# Task prompt:
Every line from the one containing "for name, color, linetype, lineweight" to the one containing "blk = doc.blocks.new('*D64')" in the records below, both included, must be set down exactly, and no other line.
Recorded data: Begin
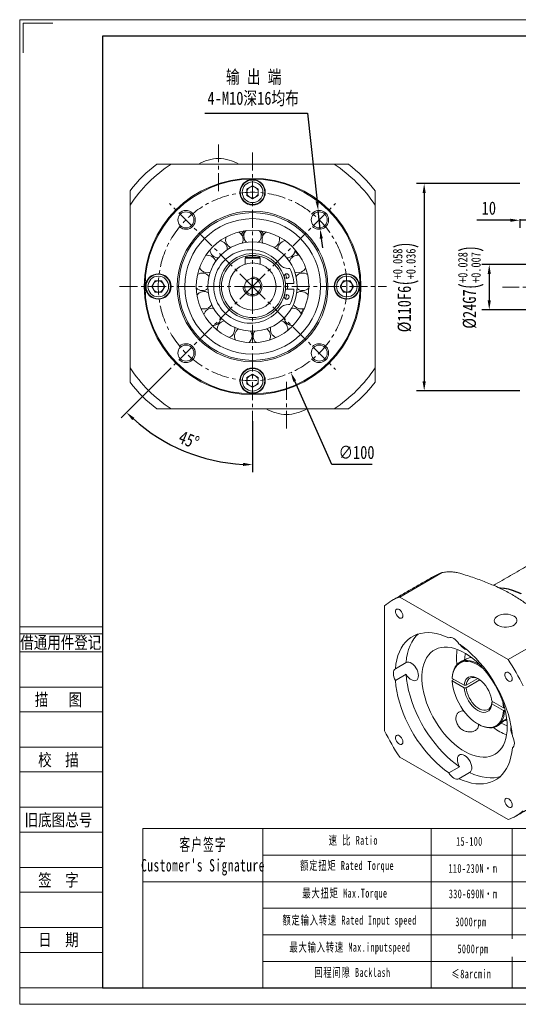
# Model space of a CAD drawing. Header units: millimetres. Extents: x 69 to 808, y 52 to 575.
# Tile 1 of 3: x 69 to 334, y 52 to 575. Entities that reach past the tile are written whole.
import ezdxf
from ezdxf.enums import TextEntityAlignment as Align

# ---------------------------------------------------------------- set-up
doc = ezdxf.new("R2010")
doc.units = ezdxf.units.MM
doc.header["$LTSCALE"] = 1.5
doc.header["$PDSIZE"] = -1
doc.linetypes.add('CENTER', pattern=[10.16, 6.35, -1.27, 1.27, -1.27])
doc.layers.get('0').update_dxf_attribs({"lineweight": 18})
doc.layers.get('Defpoints').update_dxf_attribs({"lineweight": 18})
for name, color, linetype, lineweight in [('2细线层', 4, 'Continuous', 18), ('3中心线层', 1, 'CENTER', 18), ('6文字层', 3, 'Continuous', 18), ('7标注层', 4, 'Continuous', 18), ('SLD-0', 7, 'Continuous', 18)]:
    doc.layers.add(name, color=color, linetype=linetype, lineweight=lineweight)
doc.styles.add('PC_TEXTSTYLE', font='txt', dxfattribs={"width": 0.8})
doc.styles.add('TH_GBDIM', font='txt', dxfattribs={"width": 0.8})
doc.styles.add('宋体', font='txt', dxfattribs={"width": 0.8})
doc.styles.add('标准', font='txt', dxfattribs={"width": 0.667})
doc.dimstyles.new('TH_GBDIM', dxfattribs={"dimscale": 2, "dimtxt": 3.5, "dimasz": 2.5, "dimexe": 2, "dimexo": 0, "dimgap": 1.5, "dimtad": 1, "dimdec": 1, "dimdsep": 46, "dimtxsty": 'TH_GBDIM', "dimcen": 2.5, "dimdle": 5, "dimclrd": 4, "dimclre": 4, "dimclrt": 3, "dimadec": 0, "dimazin": 2, "dimtfac": 0.714286, "dimtdec": 1, "dimtmove": 0, "dimatfit": 3, "dimfxl": 1, "dimtolj": 1, "dimarcsym": 0})

# ---------------------------------------------------------------- blocks, each defined once
blk = doc.blocks.new('*D63')
at = {"layer": '7标注层', "color": 4, "lineweight": -2}
for p, q in [((329.49, 468.6), (311.8, 468.6)), ((334.49, 469.25), (334.49, 464.6)), ((344.49, 468.6), (334.49, 468.6)), ((344.49, 469.25), (344.49, 464.6)), ((349.49, 468.6), (354.49, 468.6))]:
    blk.add_line(p, q, dxfattribs=at)
at = {"layer": '7标注层', "color": 4}
for points in [[(329.49, 467.77), (329.49, 469.44), (334.49, 468.6)], [(349.49, 469.44), (349.49, 467.77), (344.49, 468.6)]]:
    blk.add_solid(points, dxfattribs=at)
at = {"layer": 'Defpoints', "color": 0}
for p in [(334.49, 469.25), (334.49, 468.6), (344.49, 469.25)]:
    blk.add_point(p, dxfattribs=at)
at = {"layer": '7标注层', "color": 3, "insert": (318.14, 475.03), "char_height": 7, "attachment_point": 5, "style": 'TH_GBDIM'}
blk.add_mtext('\\A1;{10}{}{}', dxfattribs=at)
blk = doc.blocks.new('*D64')
at = {"layer": '7标注层', "color": 4, "lineweight": -2}
for p, q in [((334.49, 488.07), (279.84, 488.07)), ((283.84, 483.07), (283.84, 383.07)), ((334.49, 378.07), (279.84, 378.07))]:
    blk.add_line(p, q, dxfattribs=at)
at = {"layer": '7标注层', "color": 4}
for points in [[(284.67, 483.07), (283, 483.07), (283.84, 488.07)], [(283, 383.07), (284.67, 383.07), (283.84, 378.07)]]:
    blk.add_solid(points, dxfattribs=at)
at = {"layer": 'Defpoints', "color": 0}
for p in [(334.49, 488.07), (283.84, 378.07), (334.49, 378.07)]:
    blk.add_point(p, dxfattribs=at)
at = {"layer": '7标注层', "color": 3, "insert": (274.11, 433.07), "char_height": 7, "attachment_point": 5, "rotation": 90, "style": 'TH_GBDIM'}
blk.add_mtext('\\A1;{%%c110}{}{F6\\H0.7143x;{\\H2x;\\W0.5;(}\\S+0.058^ +0.036;{\\H2x;\\W0.5;)}}', dxfattribs=at)
blk = doc.blocks.new('*D73')
at = {"layer": '7标注层', "color": 4, "lineweight": -2}
for p, q in [((167.48, 525.41), (221.88, 525.41)), ((221.88, 525.41), (227.06, 478.75)), ((228.72, 463.84), (227.62, 473.78)), ((229.27, 458.88), (229.83, 453.91))]:
    blk.add_line(p, q, dxfattribs=at)
at = {"layer": '7标注层', "color": 4}
for points in [[(226.24, 478.66), (227.89, 478.85), (227.62, 473.78)], [(230.1, 458.97), (228.45, 458.78), (228.72, 463.84)]]:
    blk.add_solid(points, dxfattribs=at)
at = {"layer": 'Defpoints', "color": 0}
for p in [(227.62, 473.78), (228.72, 463.84)]:
    blk.add_point(p, dxfattribs=at)
at = {"layer": '7标注层', "color": 3, "insert": (193.17, 533.02), "char_height": 7, "attachment_point": 5, "style": 'TH_GBDIM'}
blk.add_mtext('\\A1;{4-M10深16均布}{}{}', dxfattribs=at)
blk = doc.blocks.new('*D74')
at = {"layer": '7标注层', "color": 4, "lineweight": -2}
for p, q in [((192.81, 428.46), (192.81, 438.46)), ((187.81, 433.46), (197.81, 433.46)), ((234.85, 338.94), (215.16, 383.2)), ((256.22, 338.94), (234.85, 338.94))]:
    blk.add_line(p, q, dxfattribs=at)
at = {"layer": '7标注层', "color": 4}
blk.add_solid([(215.92, 383.54), (214.4, 382.87), (213.13, 387.77)], dxfattribs=at)
at = {"layer": 'Defpoints', "color": 0}
for p in [(172.5, 479.14), (213.13, 387.77)]:
    blk.add_point(p, dxfattribs=at)
at = {"layer": '7标注层', "color": 3, "insert": (247.98, 345.36), "char_height": 7, "attachment_point": 5, "style": 'TH_GBDIM'}
blk.add_mtext('\\A1;{∅100}{}{}', dxfattribs=at)
blk = doc.blocks.new('*D76')
at = {"color": 4, "lineweight": -2}
for p, q in [((148.83, 389.47), (123.12, 363.77)), ((192.81, 362), (192.81, 334.9))]:
    blk.add_line(p, q, dxfattribs=at)
blk.add_arc((192.81, 433.46), 94.56, 228.0301, 266.9699, dxfattribs=at)
at = {"color": 4}
for points in [[(130.15, 363.76), (129.01, 362.55), (125.95, 366.6)], [(187.79, 338.2), (187.84, 339.87), (192.81, 338.9)]]:
    blk.add_solid(points, dxfattribs=at)
at = {"layer": 'Defpoints', "color": 0}
for p in [(192.81, 504.59), (192.81, 433.46), (148.83, 389.47), (192.81, 362), (145.54, 351.57)]:
    blk.add_point(p, dxfattribs=at)
at = {"color": 3, "insert": (159.07, 352), "char_height": 7, "attachment_point": 5, "rotation": 337.5, "style": 'TH_GBDIM'}
blk.add_mtext('\\A1;45%%d', dxfattribs=at)
blk = doc.blocks.new('*D82')
at = {"layer": '7标注层', "color": 4, "lineweight": -2}
for p, q in [((344.49, 445.07), (314.35, 445.07)), ((318.35, 440.07), (318.35, 426.07)), ((344.49, 421.07), (314.35, 421.07))]:
    blk.add_line(p, q, dxfattribs=at)
at = {"layer": '7标注层', "color": 4}
for points in [[(319.19, 440.07), (317.52, 440.07), (318.35, 445.07)], [(317.52, 426.07), (319.19, 426.07), (318.35, 421.07)]]:
    blk.add_solid(points, dxfattribs=at)
at = {"layer": 'Defpoints', "color": 0}
for p in [(344.49, 445.07), (318.35, 421.07), (344.49, 421.07)]:
    blk.add_point(p, dxfattribs=at)
at = {"layer": '7标注层', "color": 3, "insert": (308.63, 433.07), "char_height": 7, "attachment_point": 5, "rotation": 90, "style": 'TH_GBDIM'}
blk.add_mtext('\\A1;{%%c24}{}{G7\\H0.7143x;{\\H2x;\\W0.5;(}\\S+0.028^ +0.007;{\\H2x;\\W0.5;)}}', dxfattribs=at)

msp = doc.modelspace()

# ---------------------------------------------------------------- linework, layer by layer
at = {"color": 7, "linetype": 'Continuous', "lineweight": 15}
for p, q in [((189.813904, 485.190928), (192.813902, 486.92298)), ((192.813902, 486.92298), (195.813903, 485.190928)), ((189.813904, 481.726826), (189.813904, 485.190928)), ((192.813902, 479.994774), (189.813904, 481.726826)), ((195.813903, 481.726826), (192.813902, 479.994774)), ((195.813903, 485.190928), (195.813903, 481.726826)), ((179.410038, 452.963939), (179.417544, 453.227366)), ((189.213903, 448.958877), (188.813904, 448.558878)), ((188.813904, 448.558878), (188.813904, 445.301596)), ((196.813903, 448.558878), (188.813904, 448.558878)), ((189.213903, 448.958877), (196.413904, 448.958877)), ((196.413904, 448.958877), (196.813903, 448.558878)), ((196.813903, 448.558878), (196.813903, 445.301596)), ((212.601588, 442.958878), (211.93236, 442.958878)), ((139.349801, 433.458877), (141.081852, 436.458877)), ((141.081852, 436.458877), (144.545955, 436.458877)), ((144.545955, 436.458877), (146.278006, 433.458877)), ((210.249499, 434.958877), (214.71259, 434.958877)), ((239.3498, 433.458877), (241.081852, 436.458877)), ((241.081852, 436.458877), (244.545953, 436.458877)), ((244.545953, 436.458877), (246.278004, 433.458877)), ((141.081852, 430.458877), (139.349801, 433.458877)), ((144.545955, 430.458877), (141.081852, 430.458877)), ((146.278006, 433.458877), (144.545955, 430.458877)), ((214.71259, 431.958877), (210.249499, 431.958877)), ((241.081852, 430.458877), (239.3498, 433.458877)), ((244.545953, 430.458877), (241.081852, 430.458877)), ((246.278004, 433.458877), (244.545953, 430.458877)), ((211.93236, 423.958878), (212.601588, 423.958878)), ((176.39354, 416.415323), (175.884043, 415.967321)), ((176.39354, 416.415323), (175.884043, 415.967321)), ((209.743764, 415.967321), (209.234267, 416.415323)), ((211.491669, 410.195841), (211.520963, 410.715569)), ((189.813904, 385.190927), (192.813902, 386.922978)), ((192.813902, 386.922978), (195.813903, 385.190927)), ((189.813904, 381.726828), (189.813904, 385.190927)), ((192.813902, 379.994777), (189.813904, 381.726828)), ((195.813903, 381.726828), (192.813902, 379.994777)), ((195.813903, 385.190927), (195.813903, 381.726828)), ((270.867006, 268.627324), (293.404234, 281.637789)), ((328.347437, 235.444578), (270.867006, 268.627324)), ((262.83767, 263.990582), (262.83767, 197.614302)), ((350.884666, 248.455043), (328.347437, 235.444578)), ((308.443214, 236.686499), (308.537141, 236.806459)), ((274.267695, 233.839107), (268.610842, 230.573476)), ((268.610842, 224.365845), (274.267695, 227.631476)), ((298.77024, 224.427683), (299.618951, 224.917634)), ((305.003019, 221.809478), (298.77048, 225.407446)), ((306.136213, 221.808427), (312.336242, 225.387627)), ((298.77048, 224.100981), (305.003019, 220.503012)), ((313.41211, 224.702247), (306.136213, 220.501961)), ((319.665441, 212.691704), (320.231309, 213.018372)), ((325.899799, 209.746023), (319.667262, 213.34399)), ((319.667262, 212.037525), (325.899799, 208.439558)), ((325.549559, 202.762444), (327.621574, 203.958593)), ((326.756168, 208.607088), (326.465726, 208.439419)), ((270.867006, 183.707083), (328.347437, 150.524336)), ((302.576238, 178.599643), (296.919385, 175.334011)), ((302.295059, 172.2307), (307.951912, 175.496332))]:
    msp.add_line(p, q, dxfattribs=at)
for p, q in [((198.308219, 145.730015), (198.308219, 61.256247)), ((287.472565, 145.730015), (287.472565, 61.256247))]:
    msp.add_line(p, q)
at = {"color": 7, "linetype": 'Continuous', "lineweight": 15, "flags": 128}
for points in [[(165.743658, 421.712192), (165.729051, 421.437069), (165.735007, 420.938445)], [(209.743764, 415.967321), (209.36887, 416.287959), (209.234267, 416.415323)], [(323.336928, 273.611617), (324.278819, 273.585832), (326.423996, 273.373528), (328.627096, 272.948447), (330.876894, 272.312763), (333.161924, 271.469713), (335.470543, 270.423588)], [(323.629445, 273.437664), (323.995975, 273.42255), (326.141152, 273.210246), (328.344253, 272.785165), (330.594051, 272.149481), (332.879081, 271.306431), (335.1877, 270.260306)], [(272.530552, 258.694989), (272.445104, 259.398966), (272.196352, 260.139047), (271.806399, 260.849474), (271.309893, 261.467122), (270.750952, 261.93711), (270.17924, 262.21768), (269.645557, 262.283895), (269.197321, 262.129879), (268.874361, 261.769315), (268.705373, 261.23424), (268.705373, 260.572197), (268.874361, 259.842013), (269.197321, 259.108564), (269.645557, 258.437026), (270.17924, 257.887067), (270.750952, 257.507549), (271.309893, 257.332197), (271.806399, 257.376592), (272.196352, 257.636791), (272.445104, 258.089668), (272.530552, 258.694989)], [(322.800321, 258.567214), (322.033132, 258.024053), (321.471044, 257.402858), (321.137074, 256.72906), (321.044889, 256.030245), (321.198265, 255.335022), (321.590926, 254.671853), (322.206791, 254.067889), (323.020653, 253.547857), (323.999189, 253.133048), (325.102336, 252.840443), (326.284931, 252.682017), (327.49856, 252.664264), (328.693541, 252.787906), (329.820944, 253.047881), (330.834615, 253.433549), (331.693056, 253.929116), (332.361124, 254.514296), (332.811463, 255.165132), (333.025638, 255.854979), (332.994886, 256.555592), (332.720459, 257.238291), (332.213595, 257.875124), (331.495044, 258.440019), (330.594225, 258.909852), (329.548018, 259.265384), (328.39925, 259.492062), (327.194959, 259.580605), (325.984445, 259.527387), (324.817266, 259.334591), (323.741207, 259.010104), (322.800321, 258.567214)], [(296.919385, 246.92096), (294.648357, 247.907042), (292.404156, 248.685754), (290.198922, 249.252889), (288.044587, 249.605376), (285.952804, 249.741307), (283.934889, 249.659949), (282.00176, 249.361739), (280.163874, 248.848295), (278.431174, 248.122391), (276.813034, 247.187953), (275.318207, 246.050041), (273.954781, 244.714807), (272.730131, 243.189476), (271.650883, 241.4823), (270.722875, 239.602514), (269.951128, 237.560286), (269.339816, 235.366667), (268.892248, 233.033522), (268.610842, 230.573476)], [(280.619967, 248.998609), (279.611634, 247.980439), (278.386984, 246.455108), (277.307736, 244.747931), (276.379728, 242.868146), (275.607981, 240.825918), (274.996669, 238.632299), (274.549101, 236.299154), (274.267695, 233.839107)], [(302.295059, 243.817649), (301.717883, 244.693456), (301.06052, 245.475955), (300.347941, 246.135416), (299.607222, 246.646783), (298.866502, 246.990633), (298.153924, 247.153897), (297.496559, 247.130375), (296.919385, 246.92096)], [(327.891493, 199.778932), (327.80773, 202.073488), (327.557062, 204.447766), (327.141344, 206.884188), (326.563654, 209.364716), (325.828269, 211.870985), (324.940636, 214.384438), (323.907324, 216.886468), (322.735985, 219.358548), (321.435287, 221.782382), (320.014866, 224.140017), (318.485233, 226.414003), (316.857717, 228.587501), (315.144364, 230.644423), (313.357862, 232.569537), (311.511436, 234.348593), (309.618757, 235.968414), (307.693838, 237.417015), (305.750928, 238.683666), (303.804415, 239.758989), (301.868709, 240.635025), (299.95814, 241.305287), (298.086855, 241.764813), (296.268708, 242.0102), (294.517159, 242.039632), (292.845176, 241.852893), (291.265139, 241.451362), (289.788745, 240.838013), (288.426925, 240.017388), (287.189761, 238.995561), (286.086413, 237.780099), (285.12505, 236.38), (284.312789, 234.805629), (283.655644, 233.068644), (283.15848, 231.181904), (282.824978, 229.159378), (282.657609, 227.016039), (282.657609, 224.767757), (282.824978, 222.431177), (283.15848, 220.023598), (283.655644, 217.562844), (284.312789, 215.067136), (285.12505, 212.554949), (286.086413, 210.044884), (287.189761, 207.555522), (288.426925, 205.105297), (289.788745, 202.712347), (291.265139, 200.39439), (292.845176, 198.168588), (294.517159, 196.051416), (296.268708, 194.058554), (298.086855, 192.204752), (299.95814, 190.50374), (301.868709, 188.968108), (303.804415, 187.609223), (305.750928, 186.437152), (307.693838, 185.460567), (309.618757, 184.6867), (311.511436, 184.121284), (313.357862, 183.768499), (315.144364, 183.630962), (316.857717, 183.70969), (318.485233, 184.004098), (320.014866, 184.512008), (321.435287, 185.22966), (322.735985, 186.151739), (323.907324, 187.271421), (324.940636, 188.580413), (325.828269, 190.069026), (326.563654, 191.726238), (327.141344, 193.53978), (327.557062, 195.496225), (327.80773, 197.581087), (327.891493, 199.778932)], [(330.6036, 194.785818), (330.322198, 197.570767), (329.874628, 200.420664), (329.263313, 203.32009), (328.491567, 206.253358), (327.563561, 209.204598), (326.48431, 212.157849), (325.259662, 215.09713), (323.896237, 218.006541), (322.40141, 220.870343), (320.783269, 223.673047), (319.050569, 226.399484), (317.212684, 229.034905), (315.279554, 231.565059), (313.261641, 233.976251), (311.169857, 236.255442), (309.015521, 238.390298), (306.810288, 240.369271), (304.566086, 242.181658), (302.295059, 243.817649)], [(268.610842, 230.573476), (268.140953, 230.178236), (267.791956, 229.620608), (267.577108, 228.921778), (267.504573, 228.108295), (267.577108, 227.211066), (267.791956, 226.264178), (268.140953, 225.303607), (268.610842, 224.365845)], [(274.267695, 233.839107), (274.902325, 234.068513), (275.632271, 234.073156), (276.42404, 233.852826), (277.241309, 233.417629), (278.046579, 232.787533), (278.802906, 231.991447), (279.475589, 231.065895), (280.033764, 230.053343), (280.451824, 229.000245), (280.710587, 227.954918), (280.79818, 226.965323), (280.710587, 226.076861), (280.451824, 225.330295), (280.033764, 224.759879), (279.475589, 224.391782), (278.802906, 224.242893), (278.046579, 224.320044), (277.241309, 224.619693), (276.42404, 225.128095), (275.632271, 225.821922), (274.902325, 226.669342), (274.267695, 227.631476)], [(298.77024, 225.734148), (298.914546, 227.391006), (299.222347, 228.924925), (299.689972, 230.317602), (300.311841, 231.552423), (301.080534, 232.614654), (301.986881, 233.491622), (303.020067, 234.172864), (304.167766, 234.650252), (305.416284, 234.91809), (306.750727, 234.973184), (308.155171, 234.814874), (309.612861, 234.445051), (311.106405, 233.868127), (312.617984, 233.090983), (313.170953, 232.759017)], [(315.158147, 230.628731), (314.630724, 231.050136), (313.103617, 232.132317), (311.566662, 233.019582), (310.039556, 233.700561), (308.54187, 234.166527), (307.092798, 234.411508), (305.710911, 234.432364), (304.41392, 234.228826), (303.218447, 233.803506), (302.139813, 233.161852), (301.191841, 232.31209), (300.386681, 231.265108), (299.734651, 230.034325), (299.244108, 228.635516), (298.921339, 227.086606), (298.77048, 225.407446)], [(274.267695, 227.631476), (274.549101, 224.846525), (274.996669, 221.996629), (275.607981, 219.097204), (276.379728, 216.163937), (277.307736, 213.212695), (278.386984, 210.259445), (279.611634, 207.320164), (280.97506, 204.410753), (282.469887, 201.546948), (284.088027, 198.744248), (285.820727, 196.017811), (287.658613, 193.382389), (289.591742, 190.852236), (291.609657, 188.441043), (293.70144, 186.161852), (295.855775, 184.026996), (298.061009, 182.048021), (300.30521, 180.235637), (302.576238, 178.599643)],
Recorded data: End
# Written solution:
for name, color, linetype, lineweight in [('2细线层', 4, 'Continuous', 18), ('3中心线层', 1, 'CENTER', 18), ('6文字层', 3, 'Continuous', 18), ('7标注层', 4, 'Continuous', 18), ('SLD-0', 7, 'Continuous', 18)]:
    doc.layers.add(name, color=color, linetype=linetype, lineweight=lineweight)
doc.styles.add('PC_TEXTSTYLE', font='txt', dxfattribs={"width": 0.8})
doc.styles.add('TH_GBDIM', font='txt', dxfattribs={"width": 0.8})
doc.styles.add('宋体', font='txt', dxfattribs={"width": 0.8})
doc.styles.add('标准', font='txt', dxfattribs={"width": 0.667})
doc.dimstyles.new('TH_GBDIM', dxfattribs={"dimscale": 2, "dimtxt": 3.5, "dimasz": 2.5, "dimexe": 2, "dimexo": 0, "dimgap": 1.5, "dimtad": 1, "dimdec": 1, "dimdsep": 46, "dimtxsty": 'TH_GBDIM', "dimcen": 2.5, "dimdle": 5, "dimclrd": 4, "dimclre": 4, "dimclrt": 3, "dimadec": 0, "dimazin": 2, "dimtfac": 0.714286, "dimtdec": 1, "dimtmove": 0, "dimatfit": 3, "dimfxl": 1, "dimtolj": 1, "dimarcsym": 0})

# ---------------------------------------------------------------- blocks, each defined once
blk = doc.blocks.new('*D63')
at = {"layer": '7标注层', "color": 4, "lineweight": -2}
for p, q in [((329.49, 468.6), (311.8, 468.6)), ((334.49, 469.25), (334.49, 464.6)), ((344.49, 468.6), (334.49, 468.6)), ((344.49, 469.25), (344.49, 464.6)), ((349.49, 468.6), (354.49, 468.6))]:
    blk.add_line(p, q, dxfattribs=at)
at = {"layer": '7标注层', "color": 4}
for points in [[(329.49, 467.77), (329.49, 469.44), (334.49, 468.6)], [(349.49, 469.44), (349.49, 467.77), (344.49, 468.6)]]:
    blk.add_solid(points, dxfattribs=at)
at = {"layer": 'Defpoints', "color": 0}
for p in [(334.49, 469.25), (334.49, 468.6), (344.49, 469.25)]:
    blk.add_point(p, dxfattribs=at)
at = {"layer": '7标注层', "color": 3, "insert": (318.14, 475.03), "char_height": 7, "attachment_point": 5, "style": 'TH_GBDIM'}
blk.add_mtext('\\A1;{10}{}{}', dxfattribs=at)
blk = doc.blocks.new('*D64')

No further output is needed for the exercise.